Esse grande foco indígena começa já hoje, às 19h30, no Cine Humberto Mauro. Após uma fala do próprio Tonacci, a realizadora navajo Arlene Bowman vem dos EUA apresentar e discutir dois dos filmes que ela vem produzindo desde os anos 80, “Navajo Talking Picture” e “The Graffiti”. “Ela discute como levar essa tecnologia do cinema para uma outra cultura, especialmente no ‘Navajo’, em que a Arlene lida com a resistência da avó dela em ser filmada”, analisa Carla.
Outro destaque é a vinda do xamã yanomami Davi Kopenawa na próxima segunda, dia 23. Além de apresentar dois filmes em que ele aparece – um dirigido por um índio, e outro não –, o líder lança em Belo Horizonte o livro “A Queda do Céu: Palavras de um Xamã Yanomami”. Originalmente editada na França, e recentemente lançada no Brasil, a obra é considerada um marco da antropologia, da filosofia e da literatura, ao fazer uma análise poética da “cultura da mercadoria”, a branca, do ponto de vista yanomami. “É algo bem emblemático do que essa mostra está fazendo. Não são filmes sobre indígenas. É sobre o acesso deles à produção audiovisual, retratando sua cultura e fazendo uma crítica muito potente à nossa”, descreve a coordenadora do forumdoc, Júnia Torres.
Ela ressalta que, mesmo não fazendo parte da mostra “Olhar: Um Ato de Resistência”, outro destaque do festival deste ano está ligado à causa indígena. Rodrigo Moura, diretor artístico do Inhotim, faz sua estreia como diretor no documentário “A Estrangeira”, sobre a fotógrafa suíça Claudia Andujar.
“Ela teve uma atuação determinante na mobilização internacional para a demarcação das terras dos yanomamis nos anos 90 e é muito próxima do Davi (Kopenawa) ”, lembra Torres. Ela ressalta, porém, que o longa não trata apenas do ativismo de Andujar, que inaugura sua nova galeria em Inhotim no dia 26 e lança o filme dois dias depois, às 21h, no Humberto Mauro.
Fora da temática indígena, o forumdoc deste ano homenageia o cineasta baiano Olney São Paulo. Um dos nomes menos conhecidos do Cinema Novo, ele ganha uma retrospectiva no festival. “Não é integral porque grande parte da obra dele não está em bom estado de conservação, o que por si só indica a importância do resgate dessa parcela do cinema brasileiro em vias de extinção”, aponta Carla Italiano. Entre os destaques da homenagem, estão a sessão de “Manhã Cinzenta”, comentada por Rodrigo Siqueira, diretor de “Orestes”; e de “O Forte”, debatido por Hernani Heffner, diretor da cinemateca do MAM - Rio.
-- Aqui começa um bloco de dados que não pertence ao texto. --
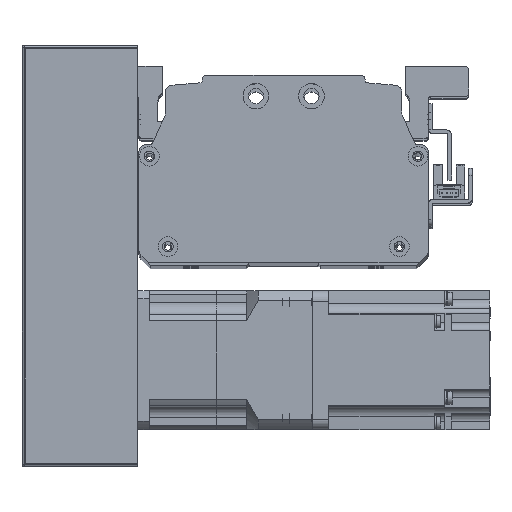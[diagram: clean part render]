
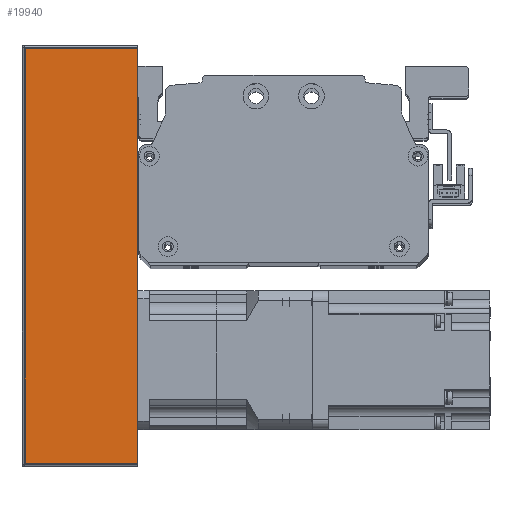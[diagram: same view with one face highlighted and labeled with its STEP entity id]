
A CAD part, top view. The second image highlights one B-rep face of the part: STEP entity #19940.
In plain terms, the highlighted planar face has unit normal (0, 0, 1) as drawn and (0, 1, 0) by its records, which use the part's own axes.
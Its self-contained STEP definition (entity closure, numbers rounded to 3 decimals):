
#609=PLANE('',#21924);
#1812=LINE('',#32849,#3436);
#1829=LINE('',#32903,#3453);
#1834=LINE('',#32927,#3458);
#1853=LINE('',#32990,#3477);
#3436=VECTOR('',#26559,10.);
#3453=VECTOR('',#26612,10.);
#3458=VECTOR('',#26649,10.);
#3477=VECTOR('',#26732,10.);
#5854=FACE_OUTER_BOUND('',#7314,.T.);
#7314=EDGE_LOOP('',(#17225,#17226,#17227,#17228));
#10171=VERTEX_POINT('',#32846);
#10172=VERTEX_POINT('',#32848);
#10190=VERTEX_POINT('',#32900);
#10191=VERTEX_POINT('',#32902);
#12618=EDGE_CURVE('',#10171,#10172,#1812,.T.);
#12646=EDGE_CURVE('',#10190,#10191,#1829,.T.);
#12660=EDGE_CURVE('',#10172,#10190,#1834,.T.);
#12691=EDGE_CURVE('',#10191,#10171,#1853,.T.);
#17225=ORIENTED_EDGE('',*,*,#12646,.F.);
#17226=ORIENTED_EDGE('',*,*,#12660,.F.);
#17227=ORIENTED_EDGE('',*,*,#12618,.F.);
#17228=ORIENTED_EDGE('',*,*,#12691,.F.);
#19940=ADVANCED_FACE('',(#5854),#609,.T.);
#21924=AXIS2_PLACEMENT_3D('',#32989,#26730,#26731);
#26559=DIRECTION('',(-1.,0.,0.));
#26612=DIRECTION('',(1.,0.,0.));
#26649=DIRECTION('',(0.,0.,-1.));
#26730=DIRECTION('center_axis',(0.,1.,0.));
#26731=DIRECTION('ref_axis',(-1.,0.,0.));
#26732=DIRECTION('',(0.,0.,1.));
#32846=CARTESIAN_POINT('',(90.,38.,25.));
#32848=CARTESIAN_POINT('',(-90.,38.,25.));
#32849=CARTESIAN_POINT('',(-91.,38.,25.));
#32900=CARTESIAN_POINT('',(-90.,38.,-24.));
#32902=CARTESIAN_POINT('',(90.,38.,-24.));
#32903=CARTESIAN_POINT('',(45.5,38.,-24.));
#32927=CARTESIAN_POINT('',(-90.,38.,0.));
#32989=CARTESIAN_POINT('Origin',(91.,38.,0.));
#32990=CARTESIAN_POINT('',(90.,38.,0.));

Por fim, a novidade da seção contemporânea da edição deste ano é o fim do caráter competitivo. “Gostaríamos que esses 16 filmes nacionais e 11 internacionais, dentre 600 inscritos, fossem prestigiados igualmente, acompanhando a guinada do cinema contemporâneo, cada vez realizado mais coletivamente, esvaziando a figura do autor”, defende Carla. Cada um dos selecionados ganhou uma crítica no catálogo do festival.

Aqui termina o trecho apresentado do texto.